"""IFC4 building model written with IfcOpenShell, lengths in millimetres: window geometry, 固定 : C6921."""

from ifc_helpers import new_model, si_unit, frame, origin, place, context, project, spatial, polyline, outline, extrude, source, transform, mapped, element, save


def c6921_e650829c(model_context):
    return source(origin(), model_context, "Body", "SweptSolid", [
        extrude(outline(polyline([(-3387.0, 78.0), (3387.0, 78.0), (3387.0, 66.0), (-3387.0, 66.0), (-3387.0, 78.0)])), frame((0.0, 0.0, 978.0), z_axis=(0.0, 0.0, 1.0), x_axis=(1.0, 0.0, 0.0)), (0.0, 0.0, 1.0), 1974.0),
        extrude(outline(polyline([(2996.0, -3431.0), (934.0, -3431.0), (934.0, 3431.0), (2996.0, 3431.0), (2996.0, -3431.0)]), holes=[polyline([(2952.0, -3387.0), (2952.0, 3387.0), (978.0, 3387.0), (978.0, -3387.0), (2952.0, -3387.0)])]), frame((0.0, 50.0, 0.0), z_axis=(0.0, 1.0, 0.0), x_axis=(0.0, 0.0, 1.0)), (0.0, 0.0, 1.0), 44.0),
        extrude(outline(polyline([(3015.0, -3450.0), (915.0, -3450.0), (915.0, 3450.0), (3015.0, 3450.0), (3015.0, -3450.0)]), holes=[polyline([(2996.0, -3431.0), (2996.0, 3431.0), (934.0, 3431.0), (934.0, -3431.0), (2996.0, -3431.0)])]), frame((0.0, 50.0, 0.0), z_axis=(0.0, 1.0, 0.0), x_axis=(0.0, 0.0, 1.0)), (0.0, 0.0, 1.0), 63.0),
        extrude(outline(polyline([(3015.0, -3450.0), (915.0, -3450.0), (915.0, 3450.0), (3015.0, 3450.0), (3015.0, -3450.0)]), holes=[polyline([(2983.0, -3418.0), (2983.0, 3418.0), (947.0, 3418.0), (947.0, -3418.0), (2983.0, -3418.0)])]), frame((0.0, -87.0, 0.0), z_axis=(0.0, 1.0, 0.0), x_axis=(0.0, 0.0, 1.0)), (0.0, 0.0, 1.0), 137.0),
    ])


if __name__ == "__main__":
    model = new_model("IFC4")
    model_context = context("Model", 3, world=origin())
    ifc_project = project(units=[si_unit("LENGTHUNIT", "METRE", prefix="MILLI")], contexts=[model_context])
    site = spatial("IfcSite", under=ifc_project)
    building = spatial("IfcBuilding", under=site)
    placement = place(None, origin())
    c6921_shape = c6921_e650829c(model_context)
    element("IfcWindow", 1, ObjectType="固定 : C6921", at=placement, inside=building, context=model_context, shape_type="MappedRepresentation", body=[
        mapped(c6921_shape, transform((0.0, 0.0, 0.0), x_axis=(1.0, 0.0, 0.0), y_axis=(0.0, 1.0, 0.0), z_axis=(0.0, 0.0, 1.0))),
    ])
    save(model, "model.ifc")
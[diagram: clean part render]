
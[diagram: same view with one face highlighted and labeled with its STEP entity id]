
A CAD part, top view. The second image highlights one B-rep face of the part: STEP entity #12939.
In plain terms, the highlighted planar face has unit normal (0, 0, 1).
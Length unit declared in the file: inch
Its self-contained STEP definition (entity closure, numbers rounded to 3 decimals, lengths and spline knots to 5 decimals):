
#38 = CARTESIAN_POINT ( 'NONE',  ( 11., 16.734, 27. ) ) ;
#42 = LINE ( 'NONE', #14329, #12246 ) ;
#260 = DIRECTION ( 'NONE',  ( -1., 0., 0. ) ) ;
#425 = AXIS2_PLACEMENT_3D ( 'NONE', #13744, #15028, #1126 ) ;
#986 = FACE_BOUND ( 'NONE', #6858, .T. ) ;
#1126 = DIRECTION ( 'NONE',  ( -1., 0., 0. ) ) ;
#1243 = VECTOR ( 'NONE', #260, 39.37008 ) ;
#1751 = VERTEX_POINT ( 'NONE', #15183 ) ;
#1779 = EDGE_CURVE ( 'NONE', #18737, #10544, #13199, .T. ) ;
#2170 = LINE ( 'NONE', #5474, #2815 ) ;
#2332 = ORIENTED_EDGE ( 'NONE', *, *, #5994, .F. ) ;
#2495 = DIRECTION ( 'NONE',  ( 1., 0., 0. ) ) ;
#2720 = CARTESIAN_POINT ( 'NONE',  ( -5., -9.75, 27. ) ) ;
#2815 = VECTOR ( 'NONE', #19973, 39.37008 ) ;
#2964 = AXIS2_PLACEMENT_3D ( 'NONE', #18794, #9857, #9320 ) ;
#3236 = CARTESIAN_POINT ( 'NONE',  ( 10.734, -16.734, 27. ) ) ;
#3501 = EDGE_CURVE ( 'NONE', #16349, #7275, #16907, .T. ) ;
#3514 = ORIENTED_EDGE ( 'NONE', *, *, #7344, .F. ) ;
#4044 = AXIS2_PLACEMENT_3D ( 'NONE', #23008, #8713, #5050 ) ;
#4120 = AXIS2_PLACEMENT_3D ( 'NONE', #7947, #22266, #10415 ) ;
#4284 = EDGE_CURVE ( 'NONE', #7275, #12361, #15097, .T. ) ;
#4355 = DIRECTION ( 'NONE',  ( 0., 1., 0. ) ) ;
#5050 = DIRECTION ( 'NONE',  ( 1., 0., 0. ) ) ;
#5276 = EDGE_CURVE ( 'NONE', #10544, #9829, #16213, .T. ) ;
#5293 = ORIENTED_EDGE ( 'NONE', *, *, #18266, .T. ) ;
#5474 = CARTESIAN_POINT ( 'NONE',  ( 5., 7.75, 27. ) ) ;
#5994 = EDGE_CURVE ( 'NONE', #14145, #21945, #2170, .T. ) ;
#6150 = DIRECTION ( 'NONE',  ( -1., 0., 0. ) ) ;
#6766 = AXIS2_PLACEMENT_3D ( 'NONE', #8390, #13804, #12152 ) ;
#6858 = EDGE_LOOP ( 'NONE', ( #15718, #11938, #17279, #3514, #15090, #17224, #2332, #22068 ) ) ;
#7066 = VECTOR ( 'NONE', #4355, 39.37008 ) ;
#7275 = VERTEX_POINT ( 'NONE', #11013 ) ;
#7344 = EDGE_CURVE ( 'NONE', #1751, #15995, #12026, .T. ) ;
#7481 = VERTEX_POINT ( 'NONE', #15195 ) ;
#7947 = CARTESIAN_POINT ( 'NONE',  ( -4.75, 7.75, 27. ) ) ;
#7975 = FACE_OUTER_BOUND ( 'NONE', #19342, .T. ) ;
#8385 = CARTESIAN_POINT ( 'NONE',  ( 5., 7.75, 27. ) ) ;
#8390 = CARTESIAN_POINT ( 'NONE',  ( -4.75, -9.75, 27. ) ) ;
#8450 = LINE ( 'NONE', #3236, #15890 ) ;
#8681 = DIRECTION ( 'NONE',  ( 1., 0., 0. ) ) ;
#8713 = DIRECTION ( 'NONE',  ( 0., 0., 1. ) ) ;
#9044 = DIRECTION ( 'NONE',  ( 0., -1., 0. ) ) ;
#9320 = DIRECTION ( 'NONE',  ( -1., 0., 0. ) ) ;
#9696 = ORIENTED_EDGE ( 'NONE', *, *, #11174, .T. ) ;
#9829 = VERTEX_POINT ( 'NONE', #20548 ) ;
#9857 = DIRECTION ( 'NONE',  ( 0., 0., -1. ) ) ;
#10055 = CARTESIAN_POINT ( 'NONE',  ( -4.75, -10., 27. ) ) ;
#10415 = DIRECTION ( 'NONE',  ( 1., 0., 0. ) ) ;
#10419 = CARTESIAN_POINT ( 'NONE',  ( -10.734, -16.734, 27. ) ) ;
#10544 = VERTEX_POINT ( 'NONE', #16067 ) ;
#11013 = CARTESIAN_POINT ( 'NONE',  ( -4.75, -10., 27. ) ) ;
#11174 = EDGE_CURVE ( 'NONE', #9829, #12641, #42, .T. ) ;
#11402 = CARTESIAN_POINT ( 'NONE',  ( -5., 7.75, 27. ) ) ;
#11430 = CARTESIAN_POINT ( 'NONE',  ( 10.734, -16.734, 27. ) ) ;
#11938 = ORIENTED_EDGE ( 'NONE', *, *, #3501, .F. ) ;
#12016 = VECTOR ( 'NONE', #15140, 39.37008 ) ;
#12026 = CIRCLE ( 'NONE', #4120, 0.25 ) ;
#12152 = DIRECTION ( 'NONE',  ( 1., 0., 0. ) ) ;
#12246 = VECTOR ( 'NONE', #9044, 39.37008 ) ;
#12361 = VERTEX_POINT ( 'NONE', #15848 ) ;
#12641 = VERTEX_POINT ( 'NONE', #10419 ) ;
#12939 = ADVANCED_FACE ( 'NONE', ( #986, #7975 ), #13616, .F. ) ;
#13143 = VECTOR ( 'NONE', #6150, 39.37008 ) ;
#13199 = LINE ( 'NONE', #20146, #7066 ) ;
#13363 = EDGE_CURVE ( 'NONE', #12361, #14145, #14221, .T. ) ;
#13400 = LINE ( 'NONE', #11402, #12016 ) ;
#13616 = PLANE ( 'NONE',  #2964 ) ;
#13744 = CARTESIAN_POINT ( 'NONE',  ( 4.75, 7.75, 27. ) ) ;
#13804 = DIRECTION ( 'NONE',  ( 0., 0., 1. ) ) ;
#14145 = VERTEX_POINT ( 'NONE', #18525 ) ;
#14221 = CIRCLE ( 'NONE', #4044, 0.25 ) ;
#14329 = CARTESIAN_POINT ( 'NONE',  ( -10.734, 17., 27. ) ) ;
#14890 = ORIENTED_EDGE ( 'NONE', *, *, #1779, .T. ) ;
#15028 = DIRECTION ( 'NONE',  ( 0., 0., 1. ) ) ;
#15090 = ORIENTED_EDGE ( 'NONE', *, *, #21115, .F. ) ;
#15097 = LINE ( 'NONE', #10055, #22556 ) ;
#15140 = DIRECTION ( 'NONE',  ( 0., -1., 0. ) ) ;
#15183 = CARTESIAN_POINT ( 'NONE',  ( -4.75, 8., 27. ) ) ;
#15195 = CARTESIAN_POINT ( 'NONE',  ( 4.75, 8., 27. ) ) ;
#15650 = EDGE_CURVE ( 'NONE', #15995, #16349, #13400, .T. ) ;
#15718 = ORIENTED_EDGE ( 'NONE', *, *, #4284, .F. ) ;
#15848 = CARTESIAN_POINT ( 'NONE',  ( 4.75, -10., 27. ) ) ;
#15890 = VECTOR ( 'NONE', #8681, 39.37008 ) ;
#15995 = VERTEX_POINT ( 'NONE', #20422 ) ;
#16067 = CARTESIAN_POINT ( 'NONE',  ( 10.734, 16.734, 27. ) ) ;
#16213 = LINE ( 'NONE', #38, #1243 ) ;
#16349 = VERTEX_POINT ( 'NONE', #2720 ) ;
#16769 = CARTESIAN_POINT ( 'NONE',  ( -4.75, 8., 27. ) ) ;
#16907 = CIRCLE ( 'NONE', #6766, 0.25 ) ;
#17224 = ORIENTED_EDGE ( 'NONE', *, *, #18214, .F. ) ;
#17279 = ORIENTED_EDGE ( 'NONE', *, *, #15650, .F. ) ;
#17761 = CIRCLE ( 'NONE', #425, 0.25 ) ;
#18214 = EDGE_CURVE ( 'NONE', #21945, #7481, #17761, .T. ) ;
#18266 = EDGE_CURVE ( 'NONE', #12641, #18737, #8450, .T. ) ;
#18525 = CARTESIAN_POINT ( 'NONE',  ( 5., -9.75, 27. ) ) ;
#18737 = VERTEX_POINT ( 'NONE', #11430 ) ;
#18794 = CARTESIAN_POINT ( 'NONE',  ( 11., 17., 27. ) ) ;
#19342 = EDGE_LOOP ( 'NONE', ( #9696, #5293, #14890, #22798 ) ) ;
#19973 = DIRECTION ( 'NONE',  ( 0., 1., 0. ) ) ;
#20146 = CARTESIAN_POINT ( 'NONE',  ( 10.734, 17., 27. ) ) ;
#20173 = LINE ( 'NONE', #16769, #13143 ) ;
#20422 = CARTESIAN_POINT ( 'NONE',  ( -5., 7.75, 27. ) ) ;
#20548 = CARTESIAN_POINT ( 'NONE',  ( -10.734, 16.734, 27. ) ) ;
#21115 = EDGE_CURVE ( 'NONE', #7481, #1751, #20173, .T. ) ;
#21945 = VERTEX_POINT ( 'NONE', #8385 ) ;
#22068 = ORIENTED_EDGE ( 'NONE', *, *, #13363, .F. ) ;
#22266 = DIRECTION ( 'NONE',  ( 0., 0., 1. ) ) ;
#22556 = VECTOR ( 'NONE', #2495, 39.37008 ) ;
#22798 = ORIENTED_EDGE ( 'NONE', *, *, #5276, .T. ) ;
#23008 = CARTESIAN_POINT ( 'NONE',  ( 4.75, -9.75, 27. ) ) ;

_ _ _ _ _ _ _

Your output should be an exact copy of every line from the one containing "#17761 = CIRCLE ( 'NONE', #425, 0.25 ) ;" through the end of the records.

Solution to this task:
#17761 = CIRCLE ( 'NONE', #425, 0.25 ) ;
#18214 = EDGE_CURVE ( 'NONE', #21945, #7481, #17761, .T. ) ;
#18266 = EDGE_CURVE ( 'NONE', #12641, #18737, #8450, .T. ) ;
#18525 = CARTESIAN_POINT ( 'NONE',  ( 5., -9.75, 27. ) ) ;
#18737 = VERTEX_POINT ( 'NONE', #11430 ) ;
#18794 = CARTESIAN_POINT ( 'NONE',  ( 11., 17., 27. ) ) ;
#19342 = EDGE_LOOP ( 'NONE', ( #9696, #5293, #14890, #22798 ) ) ;
#19973 = DIRECTION ( 'NONE',  ( 0., 1., 0. ) ) ;
#20146 = CARTESIAN_POINT ( 'NONE',  ( 10.734, 17., 27. ) ) ;
#20173 = LINE ( 'NONE', #16769, #13143 ) ;
#20422 = CARTESIAN_POINT ( 'NONE',  ( -5., 7.75, 27. ) ) ;
#20548 = CARTESIAN_POINT ( 'NONE',  ( -10.734, 16.734, 27. ) ) ;
#21115 = EDGE_CURVE ( 'NONE', #7481, #1751, #20173, .T. ) ;
#21945 = VERTEX_POINT ( 'NONE', #8385 ) ;
#22068 = ORIENTED_EDGE ( 'NONE', *, *, #13363, .F. ) ;
#22266 = DIRECTION ( 'NONE',  ( 0., 0., 1. ) ) ;
#22556 = VECTOR ( 'NONE', #2495, 39.37008 ) ;
#22798 = ORIENTED_EDGE ( 'NONE', *, *, #5276, .T. ) ;
#23008 = CARTESIAN_POINT ( 'NONE',  ( 4.75, -9.75, 27. ) ) ;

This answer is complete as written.